We perform the descent using $w \rightarrow w +\Delta w$ iteratively. Both the first and second derivatives are of order $\mathcal{O}(nm)$. Inverting the second derivative matrix, which is an $m\times m$ matrix, takes $\mathcal{O}(m^3)$. The matrix times vector multiplication takes $\mathcal{O}(m^3)$ too. The update of $w$ is $\mathcal{O}(m)$ process. So in total, and assuming that the number of iterations is small, this is an $\mathcal{O}(m^3+nm)$ calculation. So for a very large number of features this algorithm can become very expensive.

We can also consider gradient descent. As in linear regression, this is a $\mathcal{O}(nmk)$ calculation, with $k$ the number of steps. However, the gradient descent introduces an additional parameter, the learning rate and so we need to consider multiple experiments to find the optimal value.

Decision Tree

The training of a decision tree consists in searching for the split that provides the highest information gain. For each feature, we sort their values and then loop over these to find the optimal split. Hence this takes $\mathcal{O}(n\log(n))$, due to sorting, and then $\mathcal{O}(n)$ for searching (calculating the information gain is also of order $\mathcal{O}(n)$). Looping over all features takes $\mathcal{O}(mn\log(n))$ at each level.

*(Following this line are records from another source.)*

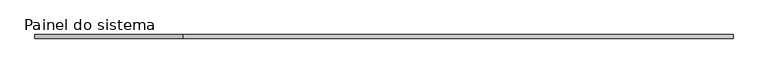
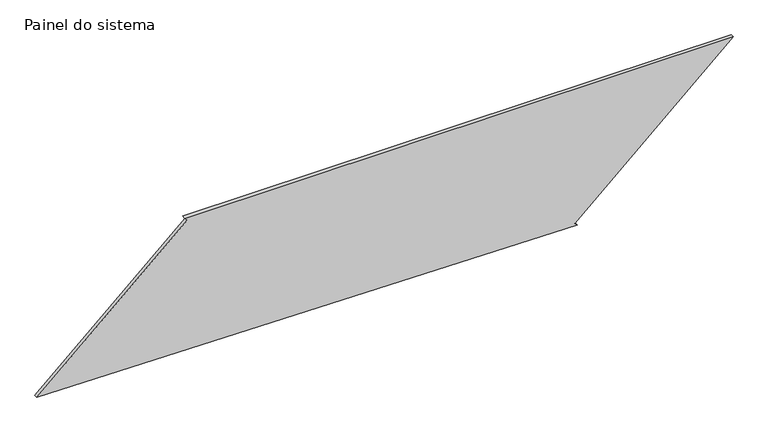
"""IFC4 building model written with IfcOpenShell, lengths in millimetres: plate geometry, Painel do sistema : Envidraçado."""

import ifcopenshell
import ifcopenshell.guid

model = None  # the IFC model being written
_history = None  # IfcOwnerHistory: only IFC2X3 demands one
_inside = {}  # id of a spatial element -> (the spatial element, [elements in it])
_under = {}  # id of a project, library or spatial element -> (it, [spatial elements below it])
_declared = {}  # id of a project -> (the project, [libraries it declares])
_typed = {}  # id of a type object -> (the type object, [elements of that type])
_made_of = {}  # id of a material, layer set ... -> (it, [elements and type objects made of it])


def new_model(schema):
    """Start an empty IFC model of exactly this schema.

    Asked for "IFC4X3", IfcOpenShell would pick the latest addendum, in which some entities
    have other attributes; the version numbers below select the first issue.
    IFC2X3 requires an IfcOwnerHistory on every rooted entity: one is made here for all.
    """
    global model, _history
    if schema == "IFC4X3":
        model = ifcopenshell.file(schema_version=(4, 3, 0, 0))
    else:
        model = ifcopenshell.file(schema=schema)
    _inside.clear()
    _under.clear()
    _declared.clear()
    _typed.clear()
    _made_of.clear()
    _history = None
    if model.schema == "IFC2X3":
        org = make("IfcOrganization", Name="unknown")
        user = make(
            "IfcPersonAndOrganization",
            ThePerson=make("IfcPerson", FamilyName="unknown"),
            TheOrganization=org,
        )
        app = make(
            "IfcApplication",
            ApplicationDeveloper=org,
            Version="unknown",
            ApplicationFullName="unknown",
            ApplicationIdentifier="unknown",
        )
        _history = make(
            "IfcOwnerHistory",
            OwningUser=user,
            OwningApplication=app,
            ChangeAction="ADDED",
            CreationDate=0,
        )
    return model


def make(cls, **values):
    """One entity of the class cls with the attributes given. An attribute that is None is left unset."""
    return model.create_entity(
        cls, **{name: value for name, value in values.items() if value is not None}
    )


def rooted(cls, **values):
    """An entity with a GlobalId (a new one), such as an element, a storey or a relation."""
    return make(cls, GlobalId=ifcopenshell.guid.new(), OwnerHistory=_history, **values)


def si_unit(unit_type, name, prefix=None):
    """IfcSIUnit, for example si_unit("LENGTHUNIT", "METRE", prefix="MILLI")."""
    return make("IfcSIUnit", UnitType=unit_type, Prefix=prefix, Name=name)


def assignment(units):
    """IfcUnitAssignment: the units of a project."""
    return None if units is None else make("IfcUnitAssignment", Units=units)


def point(xyz):
    """IfcCartesianPoint."""
    return None if xyz is None else make("IfcCartesianPoint", Coordinates=xyz)


def direction(xyz):
    """IfcDirection."""
    return None if xyz is None else make("IfcDirection", DirectionRatios=xyz)


def frame(location, z_axis=None, x_axis=None):
    """IfcAxis2Placement3D, a coordinate frame: its origin and axes. An axis left out is left unset."""
    return make(
        "IfcAxis2Placement3D",
        Location=point(location),
        Axis=direction(z_axis),
        RefDirection=direction(x_axis),
    )


def origin():
    """The frame at (0, 0, 0) with its axes left unset."""
    return frame((0.0, 0.0, 0.0))


def place(relative_to, where):
    """IfcLocalPlacement: puts the frame where relative to a parent placement (None: the world)."""
    return make(
        "IfcLocalPlacement", PlacementRelTo=relative_to, RelativePlacement=where
    )


def context(
    kind, dimensions, precision=None, world=None, true_north=None, identifier=None
):
    """IfcGeometricRepresentationContext, for example the 3D "Model" context."""
    return make(
        "IfcGeometricRepresentationContext",
        ContextIdentifier=identifier,
        ContextType=kind,
        CoordinateSpaceDimension=dimensions,
        Precision=precision,
        WorldCoordinateSystem=world,
        TrueNorth=true_north,
    )


def project(units=None, contexts=None):
    """IfcProject with its units and contexts."""
    return rooted(
        "IfcProject",
        Name="project",
        RepresentationContexts=contexts,
        UnitsInContext=assignment(units),
    )


def spatial(cls, under=None, at=None, **own):
    """A site, building, storey or space (cls), placed at a placement, below another one or the project."""
    s = rooted(cls, ObjectPlacement=at, **own)
    if under is not None:
        _under.setdefault(under.id(), (under, []))[1].append(s)
    return s


def polyline(points):
    """IfcPolyline through the points."""
    return make("IfcPolyline", Points=[point(p) for p in points])


def outline(outer, holes=None, kind="AREA"):
    """IfcArbitraryClosedProfileDef: a profile drawn as a closed curve; with holes, ...WithVoids."""
    if holes is None:
        return make("IfcArbitraryClosedProfileDef", ProfileType=kind, OuterCurve=outer)
    return make(
        "IfcArbitraryProfileDefWithVoids",
        ProfileType=kind,
        OuterCurve=outer,
        InnerCurves=holes,
    )


def extrude(swept, where, along, depth):
    """IfcExtrudedAreaSolid: the profile swept, set in the frame where, extruded along a direction by depth."""
    return make(
        "IfcExtrudedAreaSolid",
        SweptArea=swept,
        Position=where,
        ExtrudedDirection=direction(along),
        Depth=depth,
    )


def shape(context_of_items, identifier, shape_type, items):
    """IfcShapeRepresentation: the items that make up one representation, for example the "Body"."""
    return make(
        "IfcShapeRepresentation",
        ContextOfItems=context_of_items,
        RepresentationIdentifier=identifier,
        RepresentationType=shape_type,
        Items=items,
    )


def source(mapping_origin, context_of_items, identifier, shape_type, items):
    """IfcRepresentationMap: a shape defined once, which mapped items show again and again."""
    return make(
        "IfcRepresentationMap",
        MappingOrigin=mapping_origin,
        MappedRepresentation=shape(context_of_items, identifier, shape_type, items),
    )


def transform(
    local_origin,
    x_axis=None,
    y_axis=None,
    z_axis=None,
    scale=None,
    scale2=None,
    scale3=None,
    uniform=True,
):
    """IfcCartesianTransformationOperator3D, or its non-uniform kind. x_axis, y_axis, z_axis: its Axis1, 2, 3."""
    if uniform:
        return make(
            "IfcCartesianTransformationOperator3D",
            Axis1=direction(x_axis),
            Axis2=direction(y_axis),
            LocalOrigin=point(local_origin),
            Scale=scale,
            Axis3=direction(z_axis),
        )
    return make(
        "IfcCartesianTransformationOperator3DnonUniform",
        Axis1=direction(x_axis),
        Axis2=direction(y_axis),
        LocalOrigin=point(local_origin),
        Scale=scale,
        Axis3=direction(z_axis),
        Scale2=scale2,
        Scale3=scale3,
    )


def mapped(mapping_source, mapping_target):
    """IfcMappedItem: shows the shape of a source again, moved by a transform."""
    return make(
        "IfcMappedItem", MappingSource=mapping_source, MappingTarget=mapping_target
    )


def made_of(thing, what):
    """Note that an element or type object is made of a material, layer set ...; save() writes the relation."""
    if what is not None:
        _made_of.setdefault(what.id(), (what, []))[1].append(thing)
    return thing


def element(
    cls,
    number,
    at=None,
    inside=None,
    cuts=None,
    type_object=None,
    material=None,
    context=None,
    identifier="Body",
    shape_type=None,
    held_by="IfcProductDefinitionShape",
    body=None,
    shapes=None,
    **own,
):
    """One element of the class cls, such as IfcWall. Its Tag is "e" and its number.

    at: its placement. inside: the storey or other place that contains it. cuts: it is an
    opening in that element (IfcRelVoidsElement). A single representation is given by context,
    identifier, shape_type and body (its items); several are given by shapes. held_by: the class
    of the entity that holds the representations. save() writes the other relations.
    """
    e = rooted(cls, Tag="e%d" % number, ObjectPlacement=at, **own)
    if body is not None:
        shapes = [shape(context, identifier, shape_type, body)]
    if shapes is not None:
        e.Representation = make(held_by, Representations=shapes)
    if inside is not None:
        _inside.setdefault(inside.id(), (inside, []))[1].append(e)
    if cuts is not None:
        rooted(
            "IfcRelVoidsElement", RelatingBuildingElement=cuts, RelatedOpeningElement=e
        )
    if type_object is not None:
        _typed.setdefault(type_object.id(), (type_object, []))[1].append(e)
    return made_of(e, material)


def aggregate(whole, parts):
    """IfcRelAggregates: a whole, such as a stair, and the parts it consists of."""
    return rooted("IfcRelAggregates", RelatingObject=whole, RelatedObjects=parts)


def save(model, path):
    """Write the relations noted so far, then the file.

    IfcRelAggregates (storeys below a building ...), IfcRelContainedInSpatialStructure (elements
    in a storey), IfcRelDefinesByType, IfcRelAssociatesMaterial and IfcRelDeclares: one each for
    every whole, place, type object, material and project.
    """
    for whole, parts in _under.values():
        aggregate(whole, parts)
    for where, things in _inside.values():
        rooted(
            "IfcRelContainedInSpatialStructure",
            RelatedElements=things,
            RelatingStructure=where,
        )
    for kind, things in _typed.values():
        rooted("IfcRelDefinesByType", RelatedObjects=things, RelatingType=kind)
    for what, things in _made_of.values():
        rooted("IfcRelAssociatesMaterial", RelatedObjects=things, RelatingMaterial=what)
    for by, libraries in _declared.values():
        rooted("IfcRelDeclares", RelatingContext=by, RelatedDefinitions=libraries)
    model.write(path)


def painel_do_sistema_ea64a829(model_context):
    return source(origin(), model_context, "Body", "SweptSolid", [
        extrude(outline(polyline([(0.0, 1337.0716199), (18.5968466, 1320.363619), (1006.6876924, 2420.1585009), (1006.6876924, -1391.830958), (988.0908458, -1375.1229571), (49.1975382, -2420.1585009), (0.0, 1337.0716199)])), frame((0.0, 24.5, 0.0), z_axis=(0.0, 1.0, 0.0), x_axis=(0.0, 0.0, 1.0)), (0.0, 0.0, 1.0), 25.0),
    ])


if __name__ == "__main__":
    model = new_model("IFC4")
    model_context = context("Model", 3, world=origin())
    ifc_project = project(units=[si_unit("LENGTHUNIT", "METRE", prefix="MILLI")], contexts=[model_context])
    site = spatial("IfcSite", under=ifc_project)
    building = spatial("IfcBuilding", under=site)
    placement = place(None, origin())
    painel_do_sistema_shape = painel_do_sistema_ea64a829(model_context)
    element("IfcPlate", 1, ObjectType="Painel do sistema : Envidraçado", at=placement, inside=building, context=model_context, shape_type="MappedRepresentation", body=[
        mapped(painel_do_sistema_shape, transform((0.0, 0.0, 0.0), x_axis=(1.0, 0.0, 0.0), y_axis=(0.0, 1.0, 0.0), z_axis=(0.0, 0.0, 1.0))),
    ])
    save(model, "model.ifc")

# Revit data of these elements
# Type "Painel do sistema : Envidraçado"
#   Construction Type Id = "GSP4R"
#   Analytic Construction = "Vidraça única Pilkington 1/8 pol"
#   Visual Light Transmittance = 0.9
#   Solar Heat Gain Coefficient = 0.86
#   Heat Transfer Coefficient (U) = 6.7069 W/(m²·K)
# Element 1 (IfcPlate, "Painel do sistema : Envidraçado")
#   Materials on its faces: "Vidro"
# Materials
#   "Vidro": class "Vidro", colour RGB 0 128 192, transparency 0.9, Description = "Vidro de sílica", Cost = 0

The crucial aspect is that we only need to sort each feature once. After the first split is made the values remain sorted. Suppose the first split leads to a left dataset of size $n_l$ and a right dataset of size $n_r$ with $n=n_l+n_r$. Since we don’t need to sort the data, searching for the best split takes $\mathcal{O}(mn_l)$ from the left and $\mathcal{O}(mn_r)$ from the right, which gives in total $\mathcal{O}(mn)$. Hence at each level we always have an $\mathcal{O}(mn)$ calculation. Since the number of levels $\sim \log(n)$ we have that the total complexity is

\[\mathcal{O}(mn\log(n))\]

For test complexity (one sample) we need to go down the tree so this requires $\mathcal{O}(\text{depth})\sim \mathcal{O}(\log(n))$.

Random Forest

The random forest is an ensemble of decision trees, with each tree being trained on a bootstrap sample (with replacement) of the dataset. In building each tree, a random subsample of the features is considered in each split, to reduce statistical dependence between the trees. Sampling is an $\mathcal{O}(n)$ process, so in the worst case scenario a random forest with $k$ trees has total complexity, the complexity of training $k$ decision trees separately, that is,

\[\mathcal{O}(kmn\log(n))\]

For test complexity, its just $k$ times the complexity of a single decision tree at prediction time or $\mathcal{O}(k\log(n))$.

Gradient Boosting

In boosting, we fit sequentially shallow trees. Assume that we have $k$ trees of depth $d$, hence the total complexity is

\[\mathcal{O}(mn\log(n)k)\]

Recall that building the tree along depth always gives a subleading term $\mathcal{O}(dmn)$, which is why the depth is not relevant here. At prediction time we have $\mathcal{O}(dk)$.

eXtreme Gradient Boosting

The XGBoost algorithm uses a block structure and approximate spliting algorithms that improve the time complexity of gradient boosting. In a nutshell, features are sorted in blocks (partitions of the dataset) that allow efficient and parallelized computations. The approximate split algorithm consists in spliting the data according to quantiles rather then searching for the exact split. First a certain number of quantiles is calculated and the algorithms chooses one until that a certain accuracy is attained (this is controlled by $\epsilon$ hyperparameter). With the approximate split algorithm the overall time complexity is

\[\mathcal{O}(kd|x|\log(q))\]

where $|x|$ denotes the number of non-missing entries in the data and $q$ the number of quantile candidates (usually $\sim 100$). If the data does not have missing values then $|x|=mn$.

With the block structure together with parallel processing we can reduce this time complexity to

\[\mathcal{O}(kd|x| + |x|\log(B))\]

where $B$ is the maximum number of rows in each block.